The Blue Jays’ payroll is going to change a ton this season regardless of the Tulo and Russell  Martin money. The Blue Jays could have a payroll under 100 million for the first time in a decade. This is even with the assumption that the 10 arbitration eligible players get a substantial bump in pay.

With this money, the Jays could decide to find a few key veterans that could maximize the window for them to compete in the early part of the Vlad era. The Jays could have benefited from grabbing someone like Micheal Brantley or Matt Harvey. The two of them have since signed new contracts with ball clubs and are off the market, but they represent solid Mid-Tier players the Jays could use to increase their ceiling on this seasons team even.

The looming news of possible Blue Jays’ fan favorites being traded has put some on edge. If this team is to improve, it could be time for Kevin Pillar to be traded to make room for players like Anthony Alford and company. The odd trade rumor is that Aaron Sanchez appears to be on the block. For a team that needs to eat up innings on the mound, this one proves as a curious move. Would these trades signal something else to come in the next few weeks? If these guys are going to be moved, one would think it would happen soon so the Jays can act accordingly to fill the holes they leave.

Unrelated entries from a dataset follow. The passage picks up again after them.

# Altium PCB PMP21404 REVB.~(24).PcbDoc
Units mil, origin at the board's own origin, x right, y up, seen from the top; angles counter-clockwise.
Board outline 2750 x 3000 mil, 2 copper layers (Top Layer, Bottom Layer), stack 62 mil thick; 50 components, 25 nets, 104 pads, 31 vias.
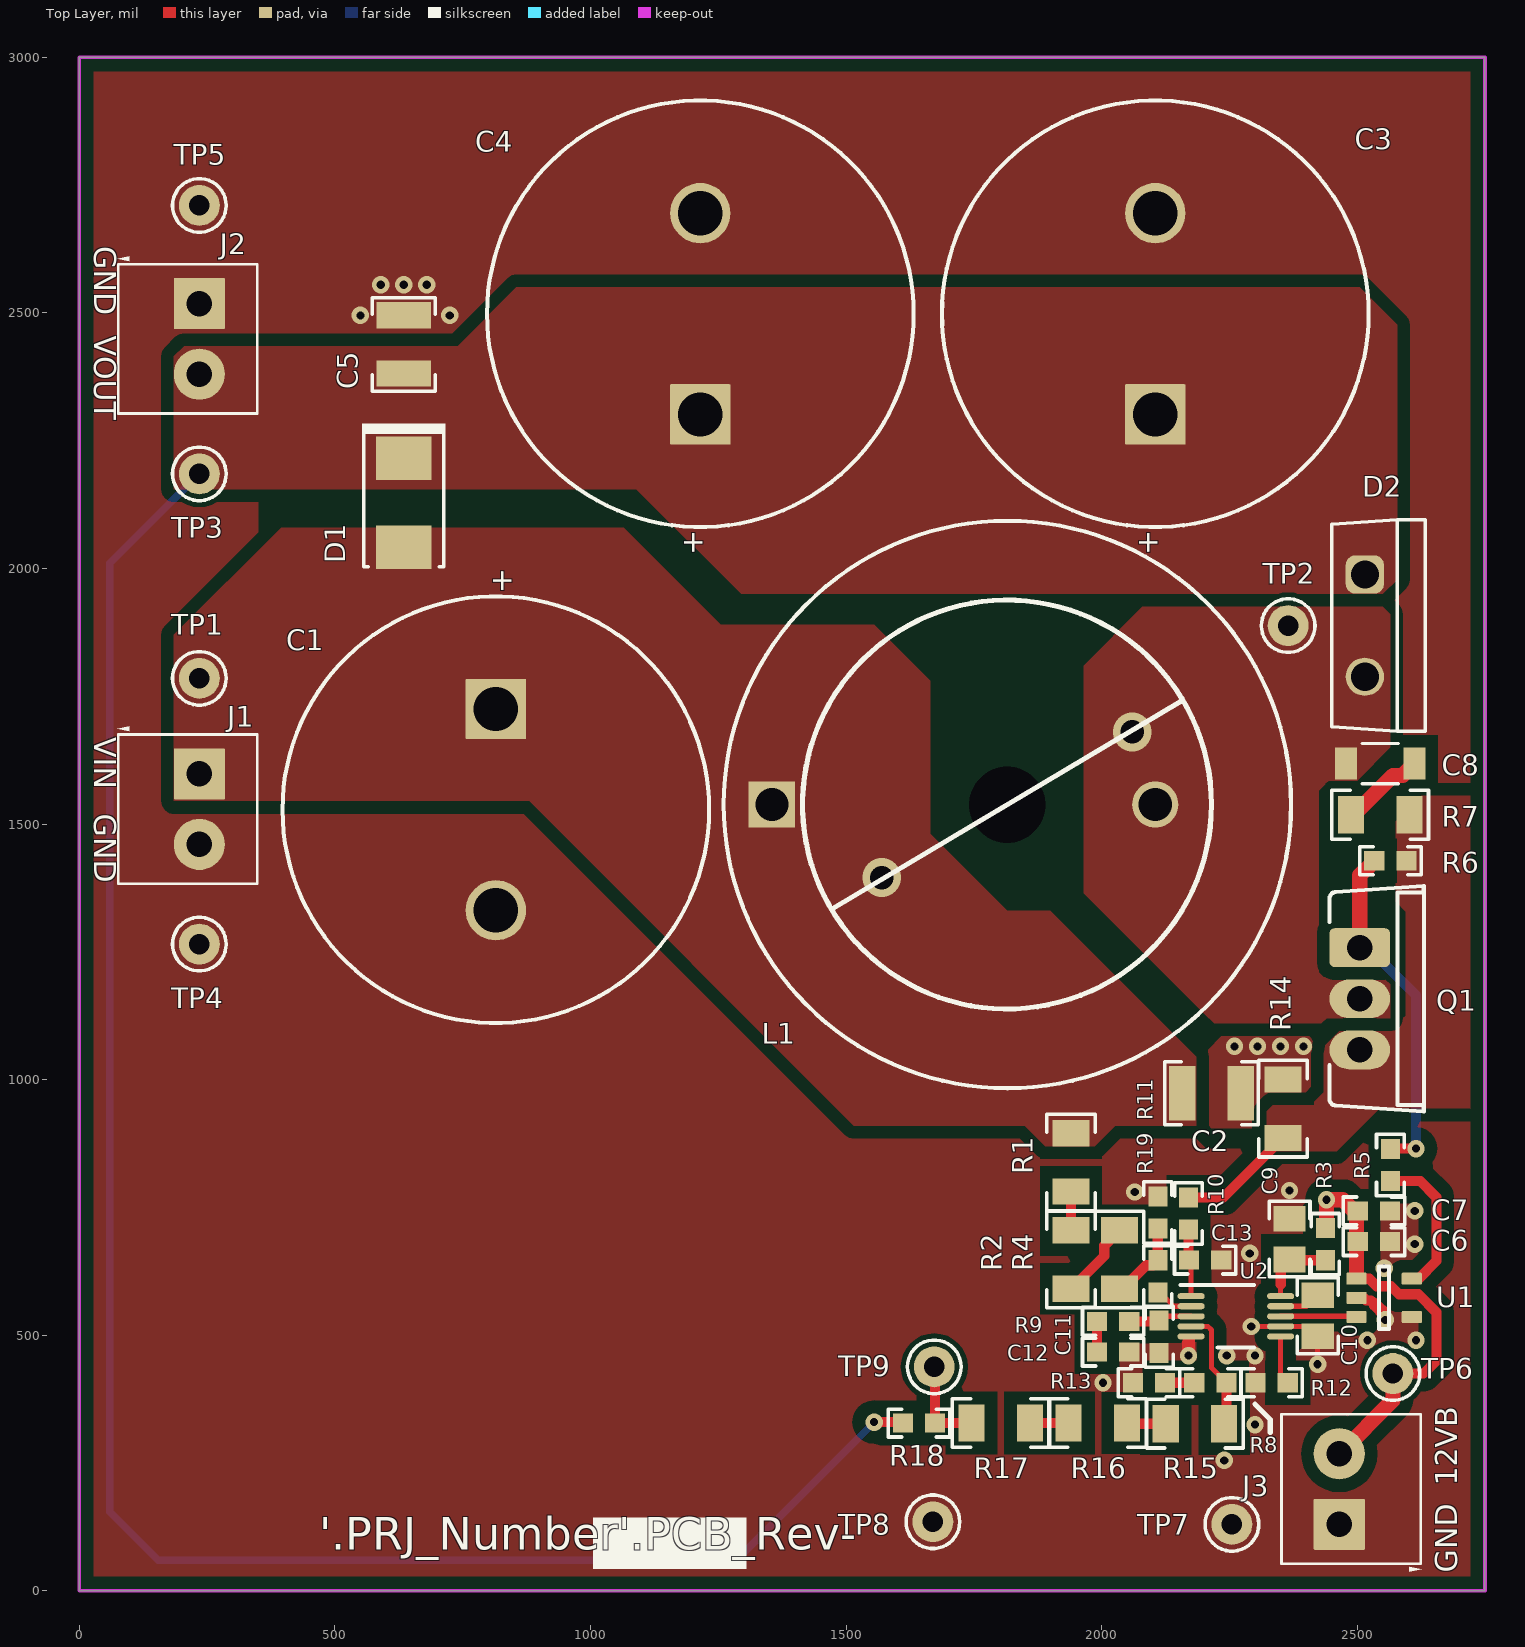
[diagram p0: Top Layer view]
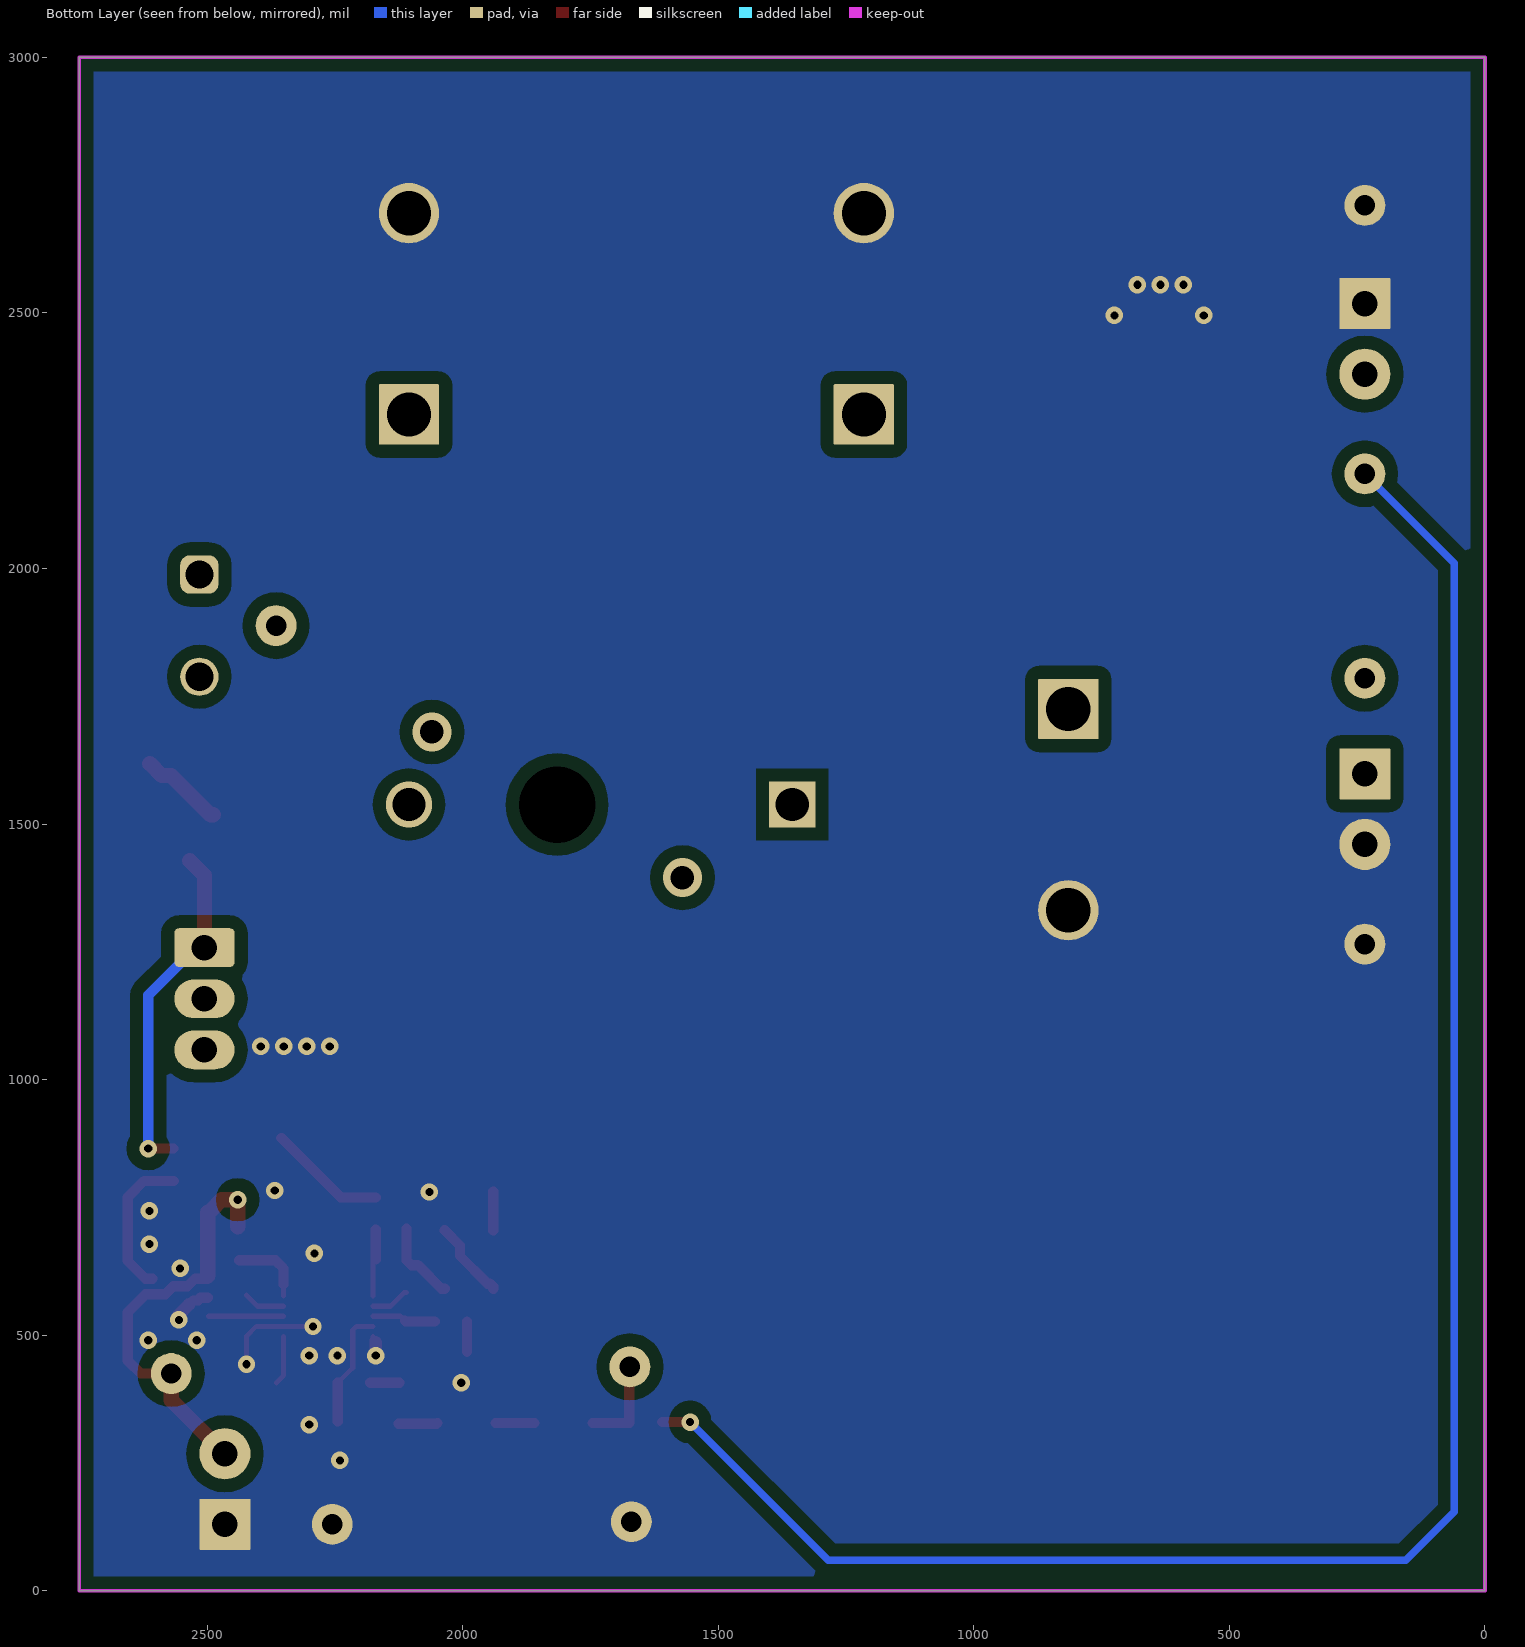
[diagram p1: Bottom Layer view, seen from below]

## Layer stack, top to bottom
Top Solder: solder mask 0.4, Solder Resist, Dk 3.5
Top Layer: signal copper 1.4
Dielectric1: core 59.2, FR-4, Dk 4.8
Bottom Layer: signal copper 1.4
Bottom Solder: solder mask 0.4, Solder Resist, Dk 3.5

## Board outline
0,0 2750,0 2750,3000 0,3000

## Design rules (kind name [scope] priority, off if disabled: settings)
AcuteAngle [All] p1: minimum=4.50000000000000E+0001 checktracksonly=FALSE
AssemblyTestPointUsage [All] p1: valid=2
BoardOutlineClearance BoardOutlineClearance_MountingHoles [OnCopper and InComponentClass('Mounting Holes')] p1: gap=40 ignorepadtopadclearanceinfootprint=FALSE
BoardOutlineClearance BoardOutlineClearance_Poly [OnCopper and IsPoly] p2: gap=25 ignorepadtopadclearanceinfootprint=FALSE
BoardOutlineClearance [OnCopper and Not InComponentClass('Logo') and not InComponentClass('FiducialMark') and not InRegion(1000,500,4000,800) and not InPoly] p3: gap=50 ignorepadtopadclearanceinfootprint=FALSE
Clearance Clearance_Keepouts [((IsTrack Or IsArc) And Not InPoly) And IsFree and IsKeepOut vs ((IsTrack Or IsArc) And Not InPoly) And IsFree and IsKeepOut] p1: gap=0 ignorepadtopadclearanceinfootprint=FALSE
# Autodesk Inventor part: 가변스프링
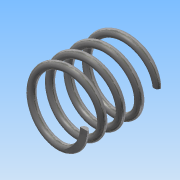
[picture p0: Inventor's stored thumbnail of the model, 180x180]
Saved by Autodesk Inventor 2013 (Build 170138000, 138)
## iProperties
Created: 2017-07
Part Number: 가변스프링
Material: 스테인리스강, 440C
Document SubType Name: Modeling
Designer: Administrator
Density: 7.75 g/cm^3
Mass: 5.09233 g
Surface Area: 13.3836 cm^2
Volume: 0.657075 cm^3
Author: Administrator
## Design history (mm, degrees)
sketch "스케치1"
  geometry: L1 (8.5, 0)-(0, 0); L2 (0, 0)-(0, 20.5); L3 (0, 20.5)-(8.5, 20.5); C1 r 1 at (8.5, 0)
  constraints: 6 end point, 1 centre point, 1 horizontal, 1 horizontal alignment, 1 parallel, 1 perpendicular
  dimensions: "d0" = 2 diameter of C1; "d1" = 8.5 distance of L1.start L1.end; "d2" = 8.5 distance of L2.end L3.end; "d3" = 20.5 distance of L1.end L2.end (derived)
feature "코일2" sketch "스케치1" pitch "d17" = 10; turns "d19" = 4; dims "d18" = 20.5 (= d3), "d20" = 0, angle "d21" = 90 deg, angle "d22" = 90 deg, "d23" = 0, "d24" = 0
sketch "스케치3"
  geometry: L1 (0, 15)-(20.5, 15); L2 (20.5, 15)-(20.5, -15); L3 (20.5, -15)-(0, -15); L4 (0, -15)-(0, 15); 2 further points
  constraints: 8 end point, 2 parallel, 1 coincident, 1 horizontal, 1 midpoint, 1 perpendicular
  dimensions: "d25" = 30 distance of L1.end L2.end; "d27" = 20.5 distance of L1.start L1.end (derived)
extrude "돌출2" sketch "스케치3" stored distance "d28" = 30; taper "d29" = 0 deg
node "솔리드2"
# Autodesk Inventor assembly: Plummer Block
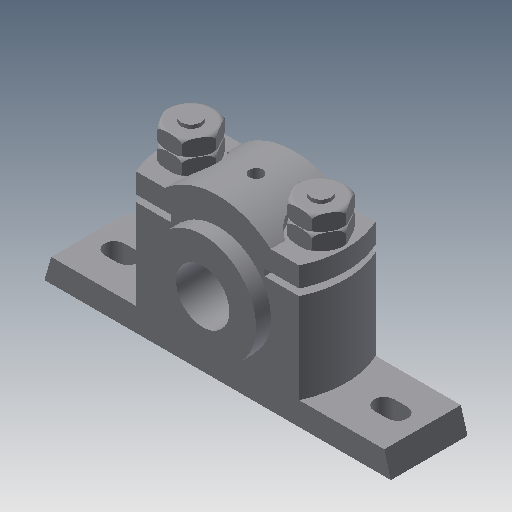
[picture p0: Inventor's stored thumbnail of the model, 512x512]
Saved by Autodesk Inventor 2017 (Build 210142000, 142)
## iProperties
Created: 2011-07
Part Number: Plummer Block
Document SubType Name: Assembly
Designer: CadCim
Author: CadCim
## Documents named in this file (7)
- D:\KAVITA\Autodesk Inventor_ 2016 Project_Kavita\Inventor_Part Files\Inventor_2016_Part\c11_Inv_2016\c11_inv_2016_prt\fig 11-40 through 11-45\Plummer Block.iam
- D:\KAVITA\Autodesk Inventor_ 2016 Project_Kavita\Inventor_Part Files\Inventor_2016_Part\c11_Inv_2016\c11_inv_2016_prt\fig 11-40 through 11-45\Casting.ipt
- D:\KAVITA\Autodesk Inventor_ 2016 Project_Kavita\Inventor_Part Files\Inventor_2016_Part\c11_Inv_2016\c11_inv_2016_prt\fig 11-40 through 11-45\Brasses.ipt
- D:\KAVITA\Autodesk Inventor_ 2016 Project_Kavita\Inventor_Part Files\Inventor_2016_Part\c11_Inv_2016\c11_inv_2016_prt\fig 11-40 through 11-45\Cap.ipt
- D:\KAVITA\Autodesk Inventor_ 2016 Project_Kavita\Inventor_Part Files\Inventor_2016_Part\c11_Inv_2016\c11_inv_2016_prt\fig 11-40 through 11-45\Bolt.ipt
- D:\KAVITA\Autodesk Inventor_ 2016 Project_Kavita\Inventor_Part Files\Inventor_2016_Part\c11_Inv_2016\c11_inv_2016_prt\fig 11-40 through 11-45\Nut.ipt
- D:\KAVITA\Autodesk Inventor_ 2016 Project_Kavita\Inventor_Part Files\Inventor_2016_Part\c11_Inv_2016\c11_inv_2016_prt\fig 11-40 through 11-45\Lock Nut.ipt
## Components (9 placed, 6 different names)
1. Casting:1 — Mate:1, Mate:2, Insert:1, Insert:2, Angle:1, Angle:2
2. Brasses:1 — Mate:1, Mate:2, Mate:3, Mate:4
3. Cap:1 — Mate:3, Mate:4, Insert:3, Insert:4
4. Bolt:1 — Insert:1, Angle:1
5. Bolt:2 — Insert:2, Angle:2
6. Nut:1 — Insert:3, Insert:6
7. Nut:2 — Insert:4, Insert:5
8. Lock Nut:1 — Insert:6
9. Lock Nut:2 — Insert:5
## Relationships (12: Insert 6, Mate 4, Angle 2)
- Mate:1: Casting:1 ↔ Brasses:1
- Mate:2: Casting:1 ↔ Brasses:1
- Mate:3: Brasses:1 ↔ Cap:1
- Mate:4: Brasses:1 ↔ Cap:1
- Insert:1: Casting:1 ↔ Bolt:1
- Insert:2: Casting:1 ↔ Bolt:2
- Angle:1: Casting:1 ↔ Bolt:1
- Angle:2: Casting:1 ↔ Bolt:2
- Insert:3: Cap:1 ↔ Nut:1
- Insert:4: Cap:1 ↔ Nut:2
- Insert:5: Nut:2 ↔ Lock Nut:2
- Insert:6: Nut:1 ↔ Lock Nut:1

Speaking of the young players, Santiago Espinal was featured on MLBpipeline.com's Top Ten Prospects that should take off this season. Espinal was acquired in the trade that sent Steve Pearce to Boston. He has since been hitting hard line drives all over the field and playing a solid shortstop. His power has come around over the last season as well, belting 10 homers this season and really showing off his gap to gap power.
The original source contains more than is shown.